# Females humping...?



## London (Jul 4, 2009)

Sorry I asked this in another thread but I think it got lost so thought I'd asl again.


London said:


> What if a bitch is humping a teddy?
> KiKi does it constantly (in the privacy of her crate  ) and I don't know why.
> We aren't often up close with other dogs so I don't know whether she would try and hump one the same size as her or if its just a love affair with her teddy.

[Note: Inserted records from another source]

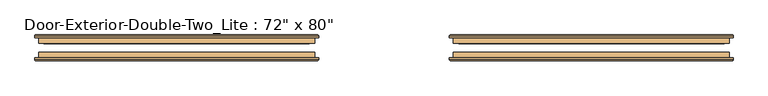
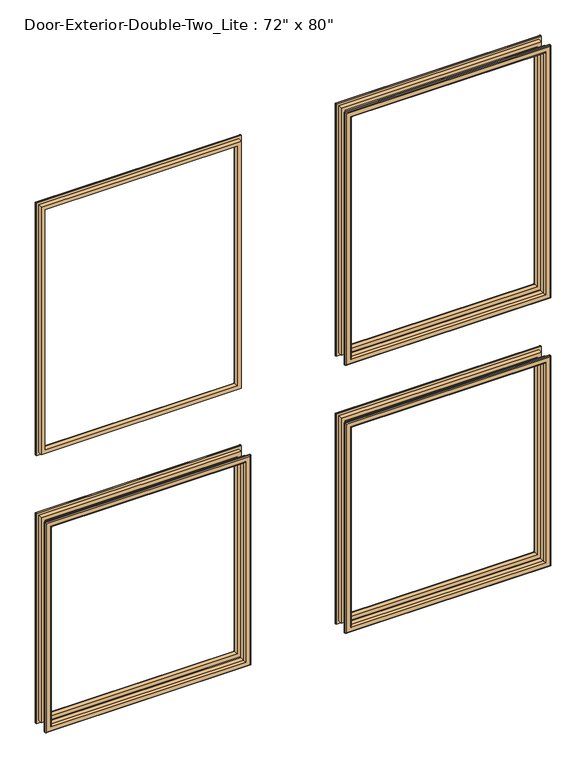
"""IFC4 building model written with IfcOpenShell, lengths in millimetres: door geometry."""

from ifc_helpers import new_model, si_unit, frame, origin, place, context, project, spatial, ellipse_curve, source, transform, mapped, element, save
from ifc_brep_helpers import plane_surface, cylinder_surface, advanced_brep


def door_4556e5f4(model_context):
    return source(origin(), model_context, "Body", "AdvancedBrep", [
        advanced_brep(
        [(-762.0, 66.675, 914.4), (-762.0, 79.375, 914.4), (-762.0, 79.375, 254.0), (-762.0, 66.675, 254.0), (-750.0, 80.375, 902.4), (-750.0, 66.675, 902.4), (-750.0, 66.675, 266.0), (-750.0, 80.375, 266.0), (-755.0, 85.375, 907.4), (-755.0, 85.375, 261.0), (-770.0, 83.375, 922.4), (-768.0, 85.375, 920.4), (-768.0, 85.375, 248.0), (-770.0, 83.375, 246.0), (-770.0, 79.375, 922.4), (-770.0, 79.375, 246.0), (-152.4, 79.375, 254.0), (-152.4, 66.675, 254.0), (-164.4, 66.675, 266.0), (-164.4, 80.375, 266.0), (-159.4, 85.375, 261.0), (-146.4, 85.375, 248.0), (-144.4, 83.375, 246.0), (-144.4, 79.375, 246.0), (-152.4, 79.375, 914.4), (-152.4, 66.675, 914.4), (-164.4, 66.675, 902.4), (-164.4, 80.375, 902.4), (-159.4, 85.375, 907.4), (-146.4, 85.375, 920.4), (-144.4, 83.375, 922.4), (-144.4, 79.375, 922.4)],
        [
            (0, 1),
            (1, 2),
            (2, 3),
            (3, 0),
            (4, 5),
            (5, 6),
            (6, 7),
            (7, 4),
            (8, 4, ellipse_curve(frame((-755.0, 80.375, 907.4), z_axis=(-0.7071067811865475, 0.0, -0.7071067811865475), x_axis=(-0.7071067811865474, 0.0, 0.7071067811865476)), 7.0710678, 5.0)),
            (7, 9, ellipse_curve(frame((-755.0, 80.375, 261.0), z_axis=(-0.7071067811865475, 0.0, 0.7071067811865475), x_axis=(0.7071067811865474, 0.0, 0.7071067811865476)), 7.0710678, 5.0)),
            (9, 8),
            (10, 11, ellipse_curve(frame((-768.0, 83.375, 920.4), z_axis=(-0.7071067811865475, 0.0, -0.7071067811865475), x_axis=(-0.7071067811865474, 0.0, 0.7071067811865476)), 2.8284271, 2.0)),
            (11, 12),
            (12, 13, ellipse_curve(frame((-768.0, 83.375, 248.0), z_axis=(-0.7071067811865475, 0.0, 0.7071067811865475), x_axis=(0.7071067811865474, 0.0, 0.7071067811865476)), 2.8284271, 2.0)),
            (13, 10),
            (14, 10),
            (13, 15),
            (15, 14),
            (2, 16),
            (16, 17),
            (17, 3),
            (6, 18),
            (18, 19),
            (19, 7),
            (19, 20, ellipse_curve(frame((-159.4, 80.375, 261.0), z_axis=(-0.7071067811865475, 0.0, -0.7071067811865475), x_axis=(-0.7071067811865476, 0.0, 0.7071067811865474)), 7.0710678, 5.0)),
            (20, 9),
            (12, 21),
            (21, 22, ellipse_curve(frame((-146.4, 83.375, 248.0), z_axis=(-0.7071067811865475, 0.0, -0.7071067811865475), x_axis=(-0.7071067811865476, 0.0, 0.7071067811865474)), 2.8284271, 2.0)),
            (22, 13),
            (22, 23),
            (23, 15),
            (16, 24),
            (24, 25),
            (25, 17),
            (18, 26),
            (26, 27),
            (27, 19),
            (27, 28, ellipse_curve(frame((-159.4, 80.375, 907.4), z_axis=(0.7071067811865475, 0.0, -0.7071067811865475), x_axis=(-0.7071067811865474, 0.0, -0.7071067811865476)), 7.0710678, 5.0)),
            (28, 20),
            (21, 29),
            (29, 30, ellipse_curve(frame((-146.4, 83.375, 920.4), z_axis=(0.7071067811865475, 0.0, -0.7071067811865475), x_axis=(-0.7071067811865474, 0.0, -0.7071067811865476)), 2.8284271, 2.0)),
            (30, 22),
            (30, 31),
            (31, 23),
            (31, 14),
            (1, 24),
            (0, 25),
            (5, 26),
            (4, 27),
            (8, 28),
            (11, 29),
            (10, 30),
        ],
        [
            plane_surface(frame((-762.0, 79.375, 914.4), z_axis=(-1.0, 0.0, 0.0), x_axis=(0.0, 0.0, -1.0))),
            plane_surface(frame((-750.0, 66.675, 902.4), z_axis=(1.0, 0.0, 0.0), x_axis=(0.0, 0.0, -1.0))),
            cylinder_surface(frame((-755.0, 80.375, 914.4), z_axis=(0.0, 0.0, 1.0), x_axis=(-1.0, 0.0, 0.0)), 5.0),
            cylinder_surface(frame((-768.0, 83.375, 914.4), z_axis=(0.0, 0.0, 1.0), x_axis=(-1.0, 0.0, 0.0)), 2.0),
            plane_surface(frame((-770.0, 83.375, 922.4), z_axis=(-1.0, 0.0, 0.0), x_axis=(0.0, 0.0, -1.0))),
            plane_surface(frame((-762.0, 79.375, 254.0), z_axis=(0.0, 0.0, -1.0), x_axis=(1.0, 0.0, 0.0))),
            plane_surface(frame((-750.0, 66.675, 266.0), z_axis=(0.0, 0.0, 1.0), x_axis=(1.0, 0.0, 0.0))),
            cylinder_surface(frame((-762.0, 80.375, 261.0), z_axis=(-1.0, 0.0, 0.0), x_axis=(0.0, 0.0, -1.0)), 5.0),
            cylinder_surface(frame((-762.0, 83.375, 248.0), z_axis=(-1.0, 0.0, 0.0), x_axis=(0.0, 0.0, -1.0)), 2.0),
            plane_surface(frame((-770.0, 83.375, 246.0), z_axis=(0.0, 0.0, -1.0), x_axis=(1.0, 0.0, 0.0))),
            plane_surface(frame((-152.4, 79.375, 254.0), z_axis=(1.0, 0.0, 0.0), x_axis=(0.0, 0.0, 1.0))),
            plane_surface(frame((-164.4, 66.675, 266.0), z_axis=(-1.0, 0.0, 0.0), x_axis=(0.0, 0.0, 1.0))),
            cylinder_surface(frame((-159.4, 80.375, 254.0), z_axis=(0.0, 0.0, -1.0), x_axis=(1.0, 0.0, 0.0)), 5.0),
            cylinder_surface(frame((-146.4, 83.375, 254.0), z_axis=(0.0, 0.0, -1.0), x_axis=(1.0, 0.0, 0.0)), 2.0),
            plane_surface(frame((-144.4, 83.375, 246.0), z_axis=(1.0, 0.0, 0.0), x_axis=(0.0, 0.0, 1.0))),
            plane_surface(frame((-144.4, 79.375, 922.4), z_axis=(0.0, -1.0, 0.0), x_axis=(-1.0, 0.0, 0.0))),
            plane_surface(frame((-152.4, 79.375, 914.4), z_axis=(0.0, 0.0, 1.0), x_axis=(-1.0, 0.0, 0.0))),
            plane_surface(frame((-152.4, 66.675, 914.4), z_axis=(0.0, -1.0, 0.0), x_axis=(-1.0, 0.0, 0.0))),
            plane_surface(frame((-164.4, 66.675, 902.4), z_axis=(0.0, 0.0, -1.0), x_axis=(-1.0, 0.0, 0.0))),
            cylinder_surface(frame((-152.4, 80.375, 907.4), z_axis=(1.0, 0.0, 0.0), x_axis=(0.0, 0.0, 1.0)), 5.0),
            plane_surface(frame((-159.4, 85.375, 907.4), z_axis=(0.0, 1.0, 0.0), x_axis=(-1.0, 0.0, 0.0))),
            cylinder_surface(frame((-152.4, 83.375, 920.4), z_axis=(1.0, 0.0, 0.0), x_axis=(0.0, 0.0, 1.0)), 2.0),
            plane_surface(frame((-144.4, 83.375, 922.4), z_axis=(0.0, 0.0, 1.0), x_axis=(-1.0, 0.0, 0.0))),
        ],
        [
            (0, [[1, 2, 3, 4]]),
            (1, [[5, 6, 7, 8]]),
            (2, [[9, -8, 10, 11]]),
            (3, [[12, 13, 14, 15]]),
            (4, [[16, -15, 17, 18]]),
            (5, [[-3, 19, 20, 21]]),
            (6, [[-7, 22, 23, 24]]),
            (7, [[-10, -24, 25, 26]]),
            (8, [[-14, 27, 28, 29]]),
            (9, [[-17, -29, 30, 31]]),
            (10, [[-20, 32, 33, 34]]),
            (11, [[-23, 35, 36, 37]]),
            (12, [[-25, -37, 38, 39]]),
            (13, [[-28, 40, 41, 42]]),
            (14, [[-30, -42, 43, 44]]),
            (15, [[-31, -44, 45, -18], [46, -32, -19, -2]]),
            (16, [[-33, -46, -1, 47]]),
            (17, [[-21, -34, -47, -4], [48, -35, -22, -6]]),
            (18, [[-36, -48, -5, 49]]),
            (19, [[-38, -49, -9, 50]]),
            (20, [[51, -40, -27, -13], [-26, -39, -50, -11]]),
            (21, [[-41, -51, -12, 52]]),
            (22, [[-43, -52, -16, -45]]),
        ],
    ),
        advanced_brep(
        [(152.4, 66.675, 914.4), (152.4, 79.375, 914.4), (152.4, 79.375, 254.0), (152.4, 66.675, 254.0), (164.4, 80.375, 902.4), (164.4, 66.675, 902.4), (164.4, 66.675, 266.0), (164.4, 80.375, 266.0), (159.4, 85.375, 907.4), (159.4, 85.375, 261.0), (144.4, 83.375, 922.4), (146.4, 85.375, 920.4), (146.4, 85.375, 248.0), (144.4, 83.375, 246.0), (144.4, 79.375, 922.4), (144.4, 79.375, 246.0), (762.0, 79.375, 254.0), (762.0, 66.675, 254.0), (750.0, 66.675, 266.0), (750.0, 80.375, 266.0), (755.0, 85.375, 261.0), (768.0, 85.375, 248.0), (770.0, 83.375, 246.0), (770.0, 79.375, 246.0), (762.0, 79.375, 914.4), (762.0, 66.675, 914.4), (750.0, 66.675, 902.4), (750.0, 80.375, 902.4), (755.0, 85.375, 907.4), (768.0, 85.375, 920.4), (770.0, 83.375, 922.4), (770.0, 79.375, 922.4)],
        [
            (0, 1),
            (1, 2),
            (2, 3),
            (3, 0),
            (4, 5),
            (5, 6),
            (6, 7),
            (7, 4),
            (8, 4, ellipse_curve(frame((159.4, 80.375, 907.4), z_axis=(-0.7071067811865475, 0.0, -0.7071067811865475), x_axis=(-0.7071067811865474, 0.0, 0.7071067811865476)), 7.0710678, 5.0)),
            (7, 9, ellipse_curve(frame((159.4, 80.375, 261.0), z_axis=(-0.7071067811865475, 0.0, 0.7071067811865475), x_axis=(0.7071067811865474, 0.0, 0.7071067811865476)), 7.0710678, 5.0)),
            (9, 8),
            (10, 11, ellipse_curve(frame((146.4, 83.375, 920.4), z_axis=(-0.7071067811865475, 0.0, -0.7071067811865475), x_axis=(-0.7071067811865474, 0.0, 0.7071067811865476)), 2.8284271, 2.0)),
            (11, 12),
            (12, 13, ellipse_curve(frame((146.4, 83.375, 248.0), z_axis=(-0.7071067811865475, 0.0, 0.7071067811865475), x_axis=(0.7071067811865474, 0.0, 0.7071067811865476)), 2.8284271, 2.0)),
            (13, 10),
            (14, 10),
            (13, 15),
            (15, 14),
            (2, 16),
            (16, 17),
            (17, 3),
            (6, 18),
            (18, 19),
            (19, 7),
            (19, 20, ellipse_curve(frame((755.0, 80.375, 261.0), z_axis=(-0.7071067811865475, 0.0, -0.7071067811865475), x_axis=(-0.7071067811865476, 0.0, 0.7071067811865474)), 7.0710678, 5.0)),
            (20, 9),
            (12, 21),
            (21, 22, ellipse_curve(frame((768.0, 83.375, 248.0), z_axis=(-0.7071067811865475, 0.0, -0.7071067811865475), x_axis=(-0.7071067811865476, 0.0, 0.7071067811865474)), 2.8284271, 2.0)),
            (22, 13),
            (22, 23),
            (23, 15),
            (16, 24),
            (24, 25),
            (25, 17),
            (18, 26),
            (26, 27),
            (27, 19),
            (27, 28, ellipse_curve(frame((755.0, 80.375, 907.4), z_axis=(0.7071067811865475, 0.0, -0.7071067811865475), x_axis=(-0.7071067811865474, 0.0, -0.7071067811865476)), 7.0710678, 5.0)),
            (28, 20),
            (21, 29),
            (29, 30, ellipse_curve(frame((768.0, 83.375, 920.4), z_axis=(0.7071067811865475, 0.0, -0.7071067811865475), x_axis=(-0.7071067811865474, 0.0, -0.7071067811865476)), 2.8284271, 2.0)),
            (30, 22),
            (30, 31),
            (31, 23),
            (31, 14),
            (1, 24),
            (0, 25),
            (5, 26),
            (4, 27),
            (8, 28),
            (11, 29),
            (10, 30),
        ],
        [
            plane_surface(frame((152.4, 79.375, 914.4), z_axis=(-1.0, 0.0, 0.0), x_axis=(0.0, 0.0, -1.0))),
            plane_surface(frame((164.4, 66.675, 902.4), z_axis=(1.0, 0.0, 0.0), x_axis=(0.0, 0.0, -1.0))),
            cylinder_surface(frame((159.4, 80.375, 914.4), z_axis=(0.0, 0.0, 1.0), x_axis=(-1.0, 0.0, 0.0)), 5.0),
            cylinder_surface(frame((146.4, 83.375, 914.4), z_axis=(0.0, 0.0, 1.0), x_axis=(-1.0, 0.0, 0.0)), 2.0),
            plane_surface(frame((144.4, 83.375, 922.4), z_axis=(-1.0, 0.0, 0.0), x_axis=(0.0, 0.0, -1.0))),
            plane_surface(frame((152.4, 79.375, 254.0), z_axis=(0.0, 0.0, -1.0), x_axis=(1.0, 0.0, 0.0))),
            plane_surface(frame((164.4, 66.675, 266.0), z_axis=(0.0, 0.0, 1.0), x_axis=(1.0, 0.0, 0.0))),
            cylinder_surface(frame((152.4, 80.375, 261.0), z_axis=(-1.0, 0.0, 0.0), x_axis=(0.0, 0.0, -1.0)), 5.0),
            cylinder_surface(frame((152.4, 83.375, 248.0), z_axis=(-1.0, 0.0, 0.0), x_axis=(0.0, 0.0, -1.0)), 2.0),
            plane_surface(frame((144.4, 83.375, 246.0), z_axis=(0.0, 0.0, -1.0), x_axis=(1.0, 0.0, 0.0))),
            plane_surface(frame((762.0, 79.375, 254.0), z_axis=(1.0, 0.0, 0.0), x_axis=(0.0, 0.0, 1.0))),
            plane_surface(frame((750.0, 66.675, 266.0), z_axis=(-1.0, 0.0, 0.0), x_axis=(0.0, 0.0, 1.0))),
            cylinder_surface(frame((755.0, 80.375, 254.0), z_axis=(0.0, 0.0, -1.0), x_axis=(1.0, 0.0, 0.0)), 5.0),
            cylinder_surface(frame((768.0, 83.375, 254.0), z_axis=(0.0, 0.0, -1.0), x_axis=(1.0, 0.0, 0.0)), 2.0),
            plane_surface(frame((770.0, 83.375, 246.0), z_axis=(1.0, 0.0, 0.0), x_axis=(0.0, 0.0, 1.0))),
            plane_surface(frame((770.0, 79.375, 922.4), z_axis=(0.0, -1.0, 0.0), x_axis=(-1.0, 0.0, 0.0))),
            plane_surface(frame((762.0, 79.375, 914.4), z_axis=(0.0, 0.0, 1.0), x_axis=(-1.0, 0.0, 0.0))),
            plane_surface(frame((762.0, 66.675, 914.4), z_axis=(0.0, -1.0, 0.0), x_axis=(-1.0, 0.0, 0.0))),
            plane_surface(frame((750.0, 66.675, 902.4), z_axis=(0.0, 0.0, -1.0), x_axis=(-1.0, 0.0, 0.0))),
            cylinder_surface(frame((762.0, 80.375, 907.4), z_axis=(1.0, 0.0, 0.0), x_axis=(0.0, 0.0, 1.0)), 5.0),
            plane_surface(frame((755.0, 85.375, 907.4), z_axis=(0.0, 1.0, 0.0), x_axis=(-1.0, 0.0, 0.0))),
            cylinder_surface(frame((762.0, 83.375, 920.4), z_axis=(1.0, 0.0, 0.0), x_axis=(0.0, 0.0, 1.0)), 2.0),
            plane_surface(frame((770.0, 83.375, 922.4), z_axis=(0.0, 0.0, 1.0), x_axis=(-1.0, 0.0, 0.0))),
        ],
        [
            (0, [[1, 2, 3, 4]]),
            (1, [[5, 6, 7, 8]]),
            (2, [[9, -8, 10, 11]]),
            (3, [[12, 13, 14, 15]]),
            (4, [[16, -15, 17, 18]]),
            (5, [[-3, 19, 20, 21]]),
            (6, [[-7, 22, 23, 24]]),
            (7, [[-10, -24, 25, 26]]),
            (8, [[-14, 27, 28, 29]]),
            (9, [[-17, -29, 30, 31]]),
            (10, [[-20, 32, 33, 34]]),
            (11, [[-23, 35, 36, 37]]),
            (12, [[-25, -37, 38, 39]]),
            (13, [[-28, 40, 41, 42]]),
            (14, [[-30, -42, 43, 44]]),
            (15, [[-31, -44, 45, -18], [46, -32, -19, -2]]),
            (16, [[-33, -46, -1, 47]]),
            (17, [[-21, -34, -47, -4], [48, -35, -22, -6]]),
            (18, [[-36, -48, -5, 49]]),
            (19, [[-38, -49, -9, 50]]),
            (20, [[51, -40, -27, -13], [-26, -39, -50, -11]]),
            (21, [[-41, -51, -12, 52]]),
            (22, [[-43, -52, -16, -45]]),
        ],
    ),
        advanced_brep(
        [(152.4, 66.675, 1914.525), (152.4, 79.375, 1914.525), (152.4, 79.375, 1117.6), (152.4, 66.675, 1117.6), (164.4, 80.375, 1902.525), (164.4, 66.675, 1902.525), (164.4, 66.675, 1129.6), (164.4, 80.375, 1129.6), (159.4, 85.375, 1907.525), (159.4, 85.375, 1124.6), (144.4, 83.375, 1922.525), (146.4, 85.375, 1920.525), (146.4, 85.375, 1111.6), (144.4, 83.375, 1109.6), (144.4, 79.375, 1922.525), (144.4, 79.375, 1109.6), (762.0, 79.375, 1117.6), (762.0, 66.675, 1117.6), (750.0, 66.675, 1129.6), (750.0, 80.375, 1129.6), (755.0, 85.375, 1124.6), (768.0, 85.375, 1111.6), (770.0, 83.375, 1109.6), (770.0, 79.375, 1109.6), (762.0, 79.375, 1914.525), (762.0, 66.675, 1914.525), (750.0, 66.675, 1902.525), (750.0, 80.375, 1902.525), (755.0, 85.375, 1907.525), (768.0, 85.375, 1920.525), (770.0, 83.375, 1922.525), (770.0, 79.375, 1922.525)],
        [
            (0, 1),
            (1, 2),
            (2, 3),
            (3, 0),
            (4, 5),
            (5, 6),
            (6, 7),
            (7, 4),
            (8, 4, ellipse_curve(frame((159.4, 80.375, 1907.525), z_axis=(-0.7071067811865475, 0.0, -0.7071067811865475), x_axis=(-0.7071067811865474, 0.0, 0.7071067811865476)), 7.0710678, 5.0)),
            (7, 9, ellipse_curve(frame((159.4, 80.375, 1124.6), z_axis=(-0.7071067811865475, 0.0, 0.7071067811865475), x_axis=(0.7071067811865474, 0.0, 0.7071067811865476)), 7.0710678, 5.0)),
            (9, 8),
            (10, 11, ellipse_curve(frame((146.4, 83.375, 1920.525), z_axis=(-0.7071067811865475, 0.0, -0.7071067811865475), x_axis=(-0.7071067811865474, 0.0, 0.7071067811865476)), 2.8284271, 2.0)),
            (11, 12),
            (12, 13, ellipse_curve(frame((146.4, 83.375, 1111.6), z_axis=(-0.7071067811865475, 0.0, 0.7071067811865475), x_axis=(0.7071067811865474, 0.0, 0.7071067811865476)), 2.8284271, 2.0)),
            (13, 10),
            (14, 10),
            (13, 15),
            (15, 14),
            (2, 16),
            (16, 17),
            (17, 3),
            (6, 18),
            (18, 19),
            (19, 7),
            (19, 20, ellipse_curve(frame((755.0, 80.375, 1124.6), z_axis=(-0.7071067811865475, 0.0, -0.7071067811865475), x_axis=(-0.7071067811865476, 0.0, 0.7071067811865474)), 7.0710678, 5.0)),
            (20, 9),
            (12, 21),
            (21, 22, ellipse_curve(frame((768.0, 83.375, 1111.6), z_axis=(-0.7071067811865475, 0.0, -0.7071067811865475), x_axis=(-0.7071067811865476, 0.0, 0.7071067811865474)), 2.8284271, 2.0)),
            (22, 13),
            (22, 23),
            (23, 15),
            (16, 24),
            (24, 25),
            (25, 17),
            (18, 26),
            (26, 27),
            (27, 19),
            (27, 28, ellipse_curve(frame((755.0, 80.375, 1907.525), z_axis=(0.7071067811865475, 0.0, -0.7071067811865475), x_axis=(-0.7071067811865474, 0.0, -0.7071067811865476)), 7.0710678, 5.0)),
            (28, 20),
            (21, 29),
            (29, 30, ellipse_curve(frame((768.0, 83.375, 1920.525), z_axis=(0.7071067811865475, 0.0, -0.7071067811865475), x_axis=(-0.7071067811865474, 0.0, -0.7071067811865476)), 2.8284271, 2.0)),
            (30, 22),
            (30, 31),
            (31, 23),
            (31, 14),
            (1, 24),
            (0, 25),
            (5, 26),
            (4, 27),
            (8, 28),
            (11, 29),
            (10, 30),
        ],
        [
            plane_surface(frame((152.4, 79.375, 1914.525), z_axis=(-1.0, 0.0, 0.0), x_axis=(0.0, 0.0, -1.0))),
            plane_surface(frame((164.4, 66.675, 1902.525), z_axis=(1.0, 0.0, 0.0), x_axis=(0.0, 0.0, -1.0))),
            cylinder_surface(frame((159.4, 80.375, 1914.525), z_axis=(0.0, 0.0, 1.0), x_axis=(-1.0, 0.0, 0.0)), 5.0),
            cylinder_surface(frame((146.4, 83.375, 1914.525), z_axis=(0.0, 0.0, 1.0), x_axis=(-1.0, 0.0, 0.0)), 2.0),
            plane_surface(frame((144.4, 83.375, 1922.525), z_axis=(-1.0, 0.0, 0.0), x_axis=(0.0, 0.0, -1.0))),
            plane_surface(frame((152.4, 79.375, 1117.6), z_axis=(0.0, 0.0, -1.0), x_axis=(1.0, 0.0, 0.0))),
            plane_surface(frame((164.4, 66.675, 1129.6), z_axis=(0.0, 0.0, 1.0), x_axis=(1.0, 0.0, 0.0))),
            cylinder_surface(frame((152.4, 80.375, 1124.6), z_axis=(-1.0, 0.0, 0.0), x_axis=(0.0, 0.0, -1.0)), 5.0),
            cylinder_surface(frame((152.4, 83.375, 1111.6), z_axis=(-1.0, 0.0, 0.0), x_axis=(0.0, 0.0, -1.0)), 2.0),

I've read up on it and some places have said is dominance, others have said it can be sexual? 
Anyone else have any ideas on this? Have you experienced your female humping teddys lol?


----------



## Jerry'sMom (May 5, 2009)

She's still a very young puppy. It could be sexual development and/or it could be dominance. It's really early to tell. Anyway, I would stop the behavior by just saying "no" and take away the toy for now.


----------



## michele (Jan 12, 2009)

Lily used to do it,but as Jerry's mum said a firm No and she's learnt now and stopped.


----------



## London (Jul 4, 2009)

Thanks for the advice 
KiKi doesnt really show any dominanting tendancies so I wasnt sure if it was a dominance issue.


----------



## Jerry'sMom (May 5, 2009)

Even if it is dominance--it is a game at her age, not a temperament issue. Try not to worry over it.


----------



## busterandlulu (Sep 13, 2009)

Dotty loves to hump our male cat. We think it is FUNNY. I think the cat enjoys it! LOL


----------



## London (Jul 4, 2009)

busterandlulu said:


> Dotty loves to hump our cat. We think it is FUNNY. I think the cat enjoys it LOL


Oh I must admit that picture made me lol!


----------



## busterandlulu (Sep 13, 2009)

we laugh every time we see them


----------



## Lillezilje (Oct 21, 2009)

busterandlulu said:


> Dotty loves to hump our male cat. We think it is FUNNY. I think the cat enjoys it! LOL


:lol: great picture


----------



## msmadison (Jul 6, 2009)

madi only humps her pink bunny. we tell her no, but we haven't pushed it too much yet.


----------



## Jerry'sMom (May 5, 2009)

Tabitha went through several days of humping Jerry at every turn. I told her no. Then it stopped. I'm not sure what it was all about for her--but I always correct that behavior.


----------



## London (Jul 4, 2009)

Ok we've been telling KiKi 'No' and she looks at us with her gorgeous face and was like 'What was I doing wrong mum' and she stopped. She's also been doing it less frequently which hopefully is a sign that it will stop eventually


----------



## *Princess* (Feb 7, 2009)

both mine love to hump!!! they try to hump each other too..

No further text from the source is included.